Dear MCRA Family,
My name is Dexter N. Jackson, and I am proud to serve as your newly appointed Executive Director of the Mid-City Redevelopment Alliance. My journey to this role has been filled with bumps, uncertainty, and doubt, but that turbulence along the way only makes me more grateful and excited for the opportunity to lead the MCRA into the future.
In full transparency, the last few years I have been deeply uncertain about my future. Like many millennials, I carry a soul-stirring anxiety about what lies ahead. To cope with this uncertainty, I began laying foundations and pathways that would allow me to leave my beloved home of Baton Rouge. I applied to and was accepted into graduate school in Los Angeles and New Orleans, picturing a glamorous life in Hollywood or pursuing education while singing in jazz clubs around the Big Easy. I told myself I was ready to leave because I had become disenfranchised with Baton Rouge, with the systems and people who were supposed to put us first. If I’m being honest with myself, though, while that disenfranchisement was real, I was really chasing a new beginning. I wanted to start over somewhere I wasn’t so emotionally and passionately connected to, somewhere that wouldn’t affect me so deeply when it disappointed me. I was attempting to do what I always do when I’m hurt by someone or something I care about: I was running away.

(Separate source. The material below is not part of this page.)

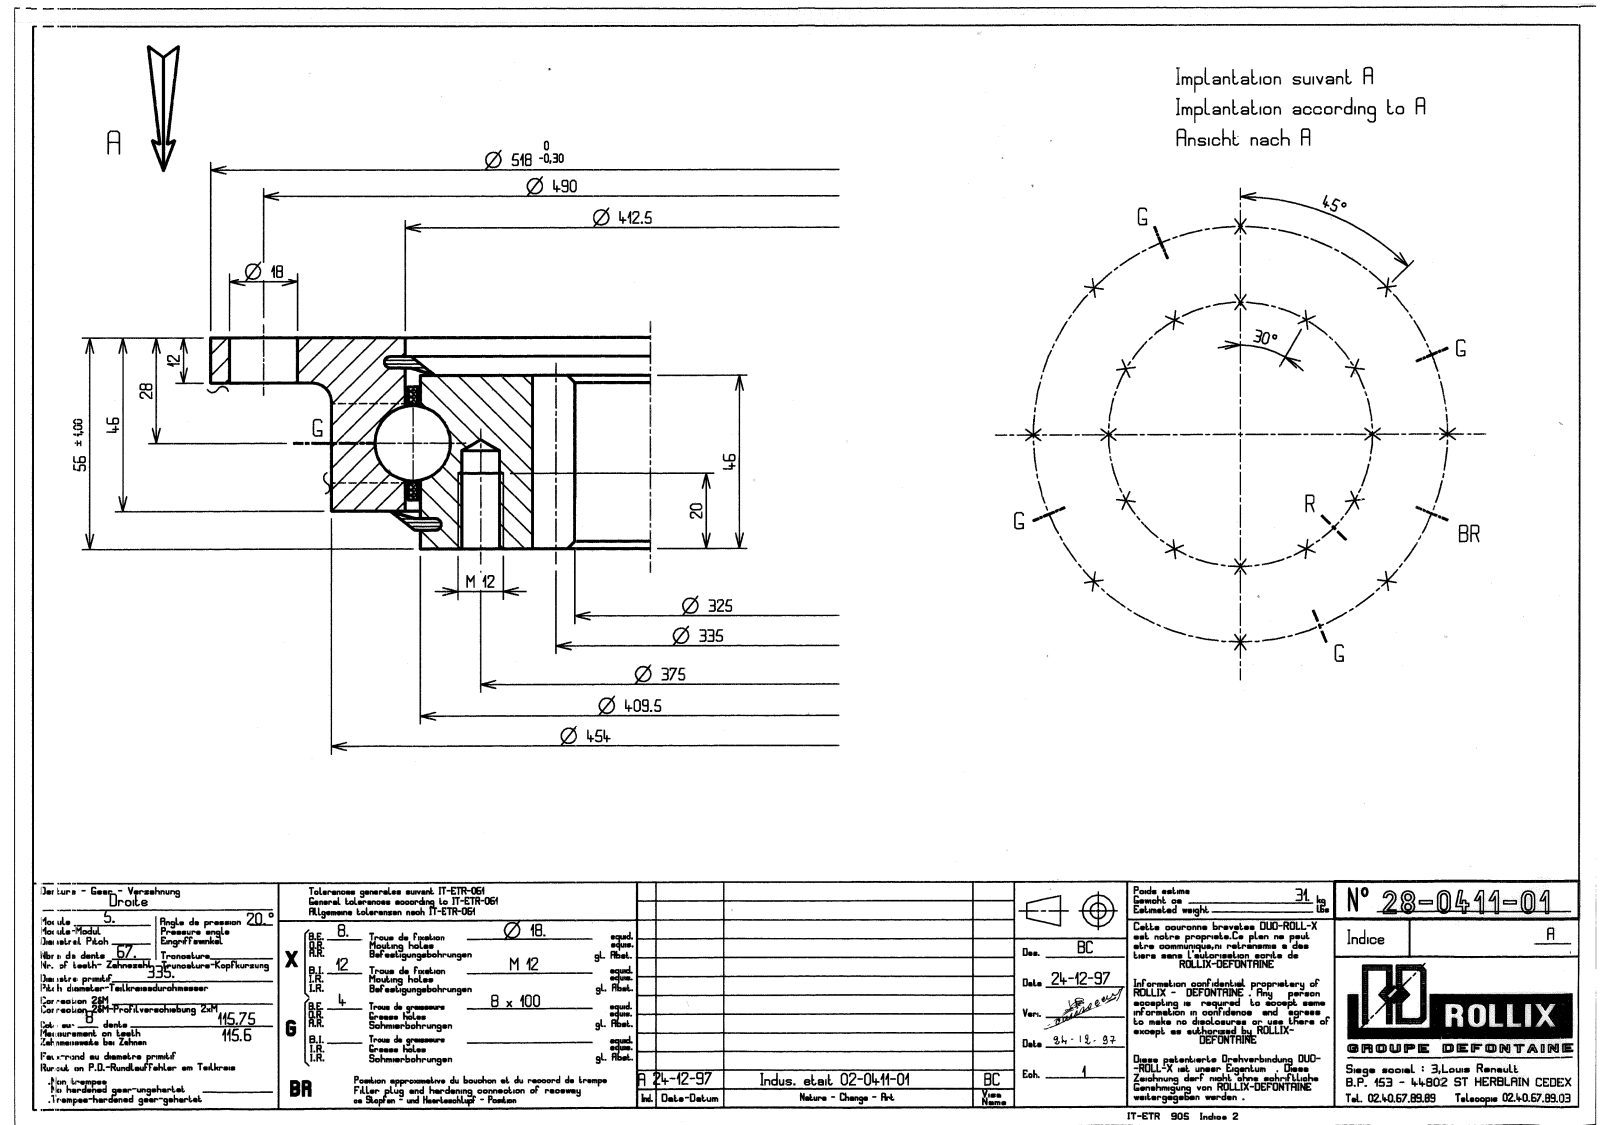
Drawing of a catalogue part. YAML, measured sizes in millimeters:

I stand as one of the many people who are homeowners because of the MCRA. In 2019, I stood in Rayna’s office learning about the homeownership program and a few weeks later, I was at the Baton Rouge General attending a homeownership course. A few months later I purchased my home. When I received this job offer I was in upstate New York running a residential summer camp and I was beyond ready to come home. I began to contemplate the idea of home—reflecting on all of the memories that I had made at my house. The first time my nieces and nephews visited my home. The concert that I threw in my living room. The bands that I got to watch use my living room as a practice space. The love that had been shared there and the ideas that were grown there. These reflections made it clear that I had to accept this job. Since 1991, MCRA has changed the lives of countless community members through homeownership education, financial literacy, and the economic stimulation and development of Mid-City and beyond. I quickly realized that I could not say no to such a consequential opportunity to lead, serve, and facilitate transformative change. I withdrew from school in LA and forfeited my deposit on an apartment, I informed my school district that I would not be returning after the summer break, and pulled my home off the rental market. I was being called home.
I know that MCRA has faced some hard times over the last few years. There is much trust building, reconnecting, and engaging that must be done. I look forward to and embrace the challenges ahead, because the truth is, this work is too important to fail. Our team is full of experienced and passionate community leaders, and our board is resilient, engaged, active, and visionary. All of the tools for success are at our disposal. But in order to accomplish our goals, we need your support. Yes, that includes your donations, but just as importantly we need your stories, your voice, your passion, your leadership. As your new Executive Director, I ask for your help where it’s needed, your support where you can, and your grace as I learn and grow. My vision for this organization is to refocus on what we do best, rebuild our trust and engagement with our partners and stakeholders, and continue the transformative work that has always been at the heart of MCRA. The future we can build together is bright, and I’m ready to work.